The mechanisms of crack formation in the tungsten divertor plates irradiated by hydrogen plasma under ITER-type steady-state and transient events are investigated. The stresses and defects of samples‘ initial structure are annealed as a result of steady-state irradiation with Falcon ion source, which generates 2 keV hydrogen ion flux of ~ 10²² m^-2s⁻¹ and power density ~ 1.7 MW × m⁻². Quasi-stationary plasma accelerator QSPA Kh-50 provides pulsed hydrogen plasma loads which operating mode simulates transient events (type I ELMs) in ITER: ion impact energy is about 400 eV, maximum plasma pressure is 0.32 MPa, pulse duration is 0.25 ms. The diffraction maxima profiles, positions, intensities, half-widths, and intensity distributions are analyzed. The origin of crack formation is found to be in the plastic deformation of surface layers by the twinning mechanism. The latter is reinforced by the interaction of twins with the hydrogen-filled micro-pores. The micro-pores appear as a result of hydrogen saturation of subtraction loops formed due to the coalescence of vacancy complexes.

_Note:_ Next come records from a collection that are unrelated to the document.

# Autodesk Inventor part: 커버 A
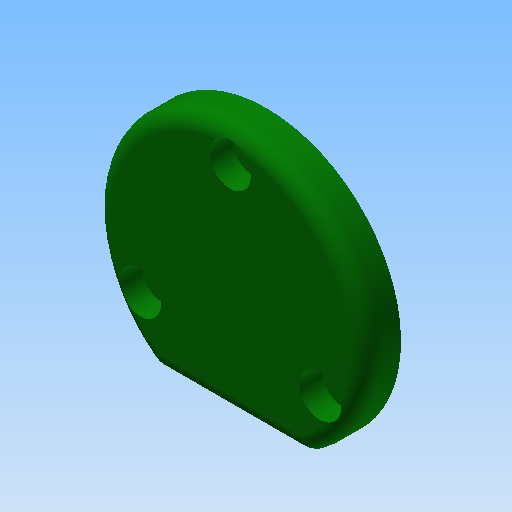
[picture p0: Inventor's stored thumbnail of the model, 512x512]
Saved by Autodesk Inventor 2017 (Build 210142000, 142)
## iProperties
Created: 2020-04
Part Number: 커버 A
Material: 알루미늄 6061
Document SubType Name: Modeling
Designer: mduedu
Density: 2.71 g/cm^3
Mass: 30.8964 g
Surface Area: 61.0159 cm^2
Volume: 11.4009 cm^3
Appearance: 진녹색
Author: mduedu
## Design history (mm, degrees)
sketch "스케치1"
  geometry: C1 r 26 at (0, 0); 1 further point
  constraints: 1 centre point, 1 coincident
  dimensions: "d0" = 52 diameter of C1
extrude "돌출1" new body sketch "스케치1" distance "d1" = 7; taper "d2" = 0 deg
sketch "스케치2"
  geometry: L1 (-14.62, -21.5)-(14.62, -21.5); A1 r 26 centre (0, 0) between (-14.62, -21.5) and (14.62, -21.5) reference; 1 further point
  constraints: 2 end point, 2 point on circle, 1 horizontal
  dimensions: "d3" = 21.5 distance from line of L1 point (0, 0)
extrude "돌출2" cut sketch "스케치2" stored distance "d4" = 7; taper "d5" = 0 deg
fillet "모깎기1" dims "d6" = 3
fillet "모깎기2" dims "d7" = 3
sketch "스케치3" dims "d8" = 40
  geometry: 3 further points
  constraints: 2 vertical alignment, 1 coincident, 2 other
hole "구멍1" sketch "스케치3" at (0, 20) diameter "d9" = 4.5; stored, may be unused: countersink angle "d13" = 90 deg, drill point angle "d15" = 118 deg; dims "d10" = 6, "d11" = 8, "d12" = 4.4, "d14" = 8
sketch "스케치4"
  geometry: C1 r 16 at (0, 0); 1 further point
  constraints: 1 centre point, 1 coincident
  dimensions: "d19" = 32 diameter of C1
extrude "돌출3" join sketch "스케치4" distance "d20" = 3; taper "d21" = 0 deg
sketch "스케치5"
  geometry: C1 r 14 at (0, 0); 1 further point
  constraints: 1 centre point, 1 coincident
  dimensions: "d22" = 28 diameter of C1
extrude "돌출4" cut sketch "스케치5" distance "d23" = 7; taper "d24" = 0 deg
fillet "모깎기3" dims "d25" = 3
chamfer "모따기1" distance "d26" = 0.5; stored, may be unused: second distance "d27" = 2, angle "d28" = 45 deg
node "솔리드1"
pattern_circular "원형 패턴1" dims angle "d17" = 360 deg
node "투영된 루프1"

研究了在ITER型稳态和瞬态事件下，氢等离子体辐照钨分流板的裂纹形成机理。样本的初始结构应力和缺陷被退火与隼离子源的稳态辐照，其产生〜10的2千电子伏氢离子通量的结果²²米^-2小号^-1和功率密度〜1.7 MW×米^{- 2}。准静态等离子体加速器QSPA Kh-50提供脉冲氢等离子体负载，其运行模式模拟ITER中的瞬态事件（I型ELM）：离子撞击能量约为400 eV，最大等离子体压力为0.32 MPa，脉冲持续时间为0.25 ms。分析了最大衍射图，位置，强度，半峰宽和强度分布。发现裂纹形成的根源在于孪生机制对表层的塑性变形。孪晶与充氢微孔的相互作用增强了后者。微孔的出现是由于空位络合物聚结而形成的减法环的氢饱和的结果。